Don't look at each symptom individually. Look for:
- Shared infrastructure (build system, deployment platform, DNS)
- Shared config (one file that affects everything)
- Shared assumption (e.g., "the code is running" when it isn't)
STEP 3 — Research the Architecture
Spawn a research agent (Perplexity) with THREE queries:
- "Common causes of [shared symptom pattern] in [platform/framework]"
- "[Platform] [framework] deployment issues [year]"
- "[Specific error pattern] works locally fails in production [platform]"
This is mandatory. No skipping research because "I think I know."
STEP 4 — Test the Broadest Hypothesis First
Instead of testing your specific broken feature, test whether the ENTIRE CLASS of features works:
Before: "Does /api/revalidate work?" After: "Does ANY API route work on production?"
If the broader test fails, you've found a systemic issue — fix THAT, not the individual symptom.
STEP 5 — Present the Choice
Show the user:
**Symptom-level fix:** [what you've been doing] **Architecture-level fix:** [what research suggests] **Effort comparison:** [patch N symptoms vs fix 1 root cause] **Recommendation:** [which approach and why]
Let the user decide.
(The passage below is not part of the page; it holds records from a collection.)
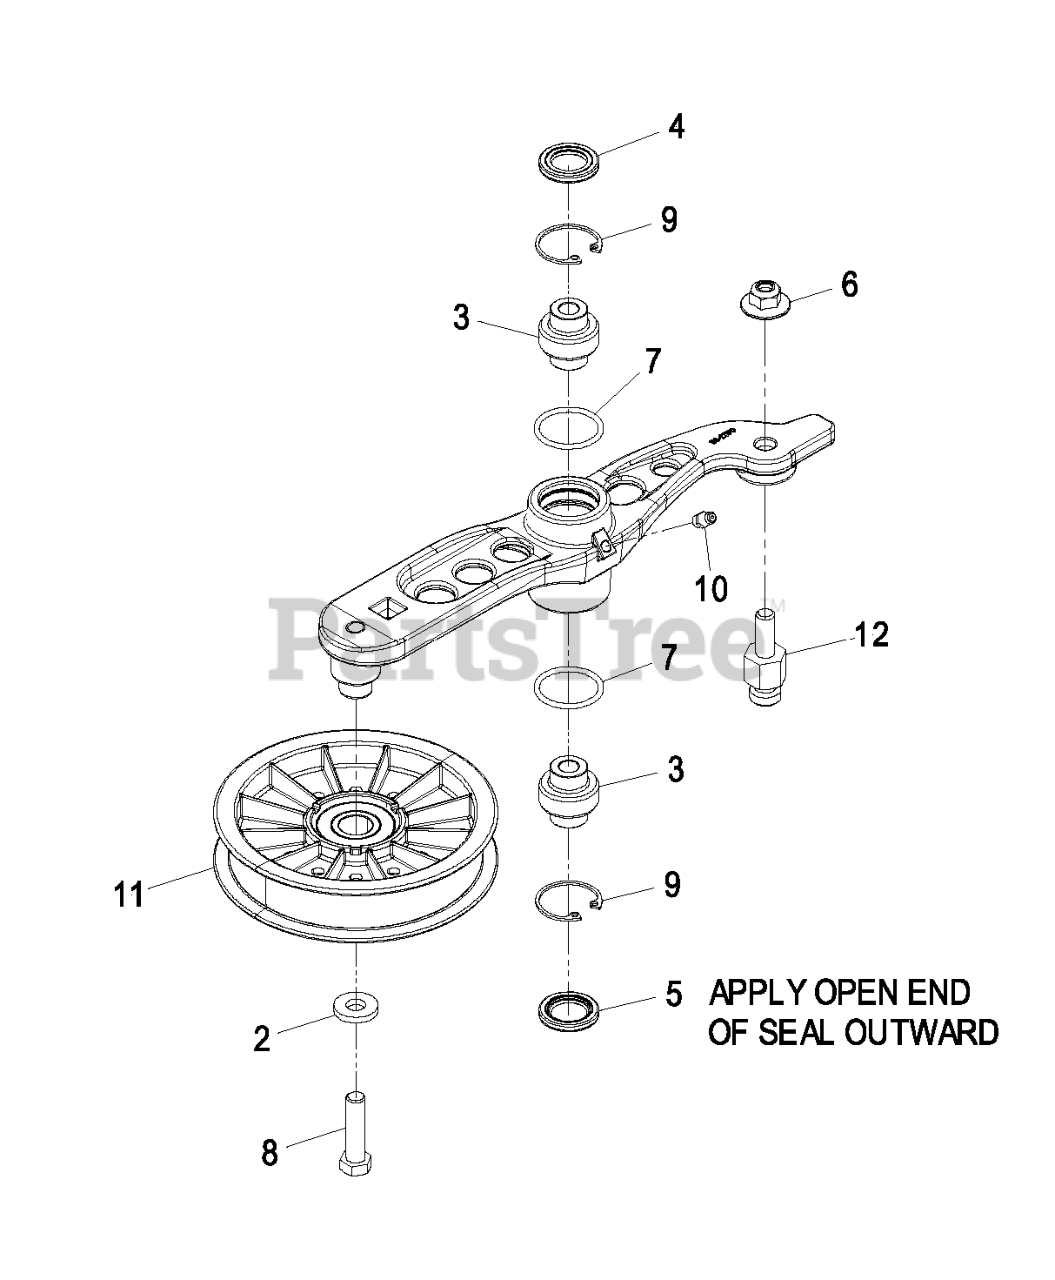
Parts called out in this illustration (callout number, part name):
3	BEARING-SPHERICAL
4	SEAL-LIP, DOUBLE
5	SEAL-LIP, SINGLE
6	Nut-Nyloc 3/8-16 Flg
8	SCREW-HH
9	RING-SNAP
10	FITTING-GREASE
11	PULLEY-IDLER

Don't assume redesign is always better — sometimes patching IS correct.
Red Flags — You're Symptom-Patching If:
| Signal | What It Means |
|---|---|
| "Let me just try one more thing" | You're guessing, not diagnosing |
| "This fix should definitely work" | You said that last time |
| "It works locally" | Local ≠ production. Check the deployment pipeline |
| "I'll add this to the whitelist/allowlist" | You're growing a list instead of questioning the filter |
| "The code is correct, something else is wrong" | Check if the code is even RUNNING |
| 3+ commits with "fix:" in a row | Pattern detected — step back |
The Outsider Test
When running /stepback, pretend you're a new consultant reviewing this system for the first time. Ask:
- "What is different about this setup compared to a standard one?"
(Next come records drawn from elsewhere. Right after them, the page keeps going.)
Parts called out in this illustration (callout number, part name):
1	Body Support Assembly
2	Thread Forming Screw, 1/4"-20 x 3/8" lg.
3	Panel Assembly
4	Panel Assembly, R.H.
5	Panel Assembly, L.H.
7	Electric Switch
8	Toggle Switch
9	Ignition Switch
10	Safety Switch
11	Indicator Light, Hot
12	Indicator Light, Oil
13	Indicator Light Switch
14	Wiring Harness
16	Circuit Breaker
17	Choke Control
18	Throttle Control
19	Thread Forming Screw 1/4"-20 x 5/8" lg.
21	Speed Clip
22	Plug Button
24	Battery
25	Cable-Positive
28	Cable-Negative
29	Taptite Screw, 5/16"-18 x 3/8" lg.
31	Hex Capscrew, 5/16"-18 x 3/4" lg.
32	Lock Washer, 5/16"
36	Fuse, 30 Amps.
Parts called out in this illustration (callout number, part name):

- "What would a fresh install look like?"
- "What was added/customized that might be causing this?"
The answer is almost always in the DELTA between standard and custom.
Real-World Example
Session 2026-02-13 — Atlas Website webhook
5 fix attempts over 2 hours: middleware whitelist, parseBody replacement, CSP headers, dead component cleanup, deployment protection check. All were real issues but none were THE issue.
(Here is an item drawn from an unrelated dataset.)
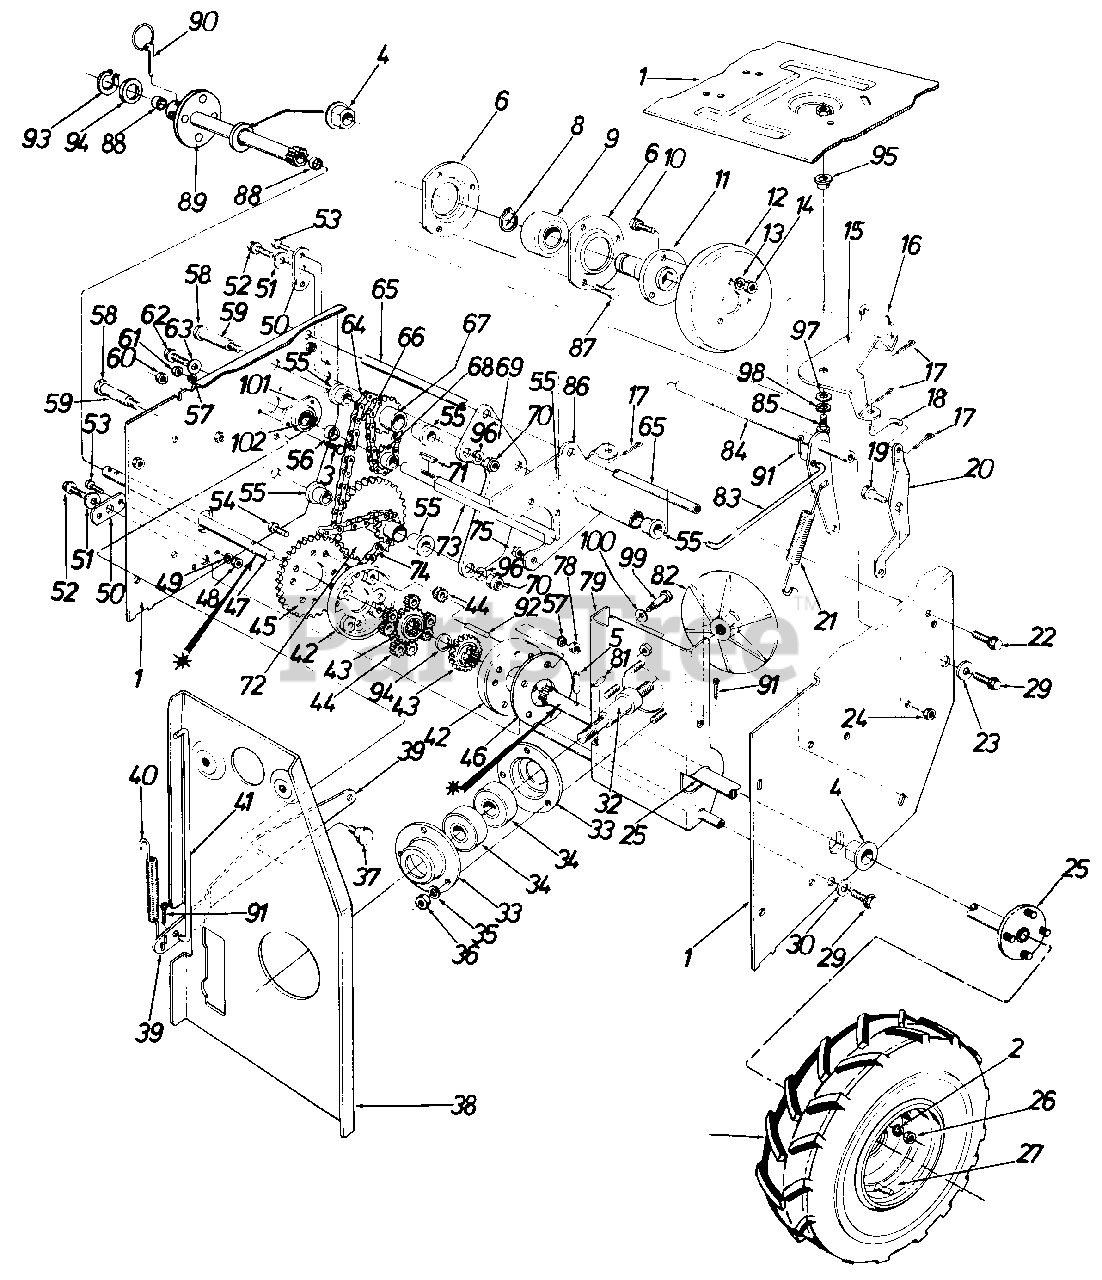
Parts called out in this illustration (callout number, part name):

The outsider test revealed:
outputFileTracingRoot in next.config.js was set to a hardcoded local path (/home/anombyte/Atlas/Atlas_Website). On Vercel's build server, this path doesn't exist, so Next.js silently generated ZERO serverless functions. No API routes worked — not just the webhook.
One line removed. Everything worked.
The 5 "fixes" were real improvements (cleaner middleware, better CSP, removed dead code) — but they would have taken 10 minutes as planned cleanup, not 2 hours of confused debugging.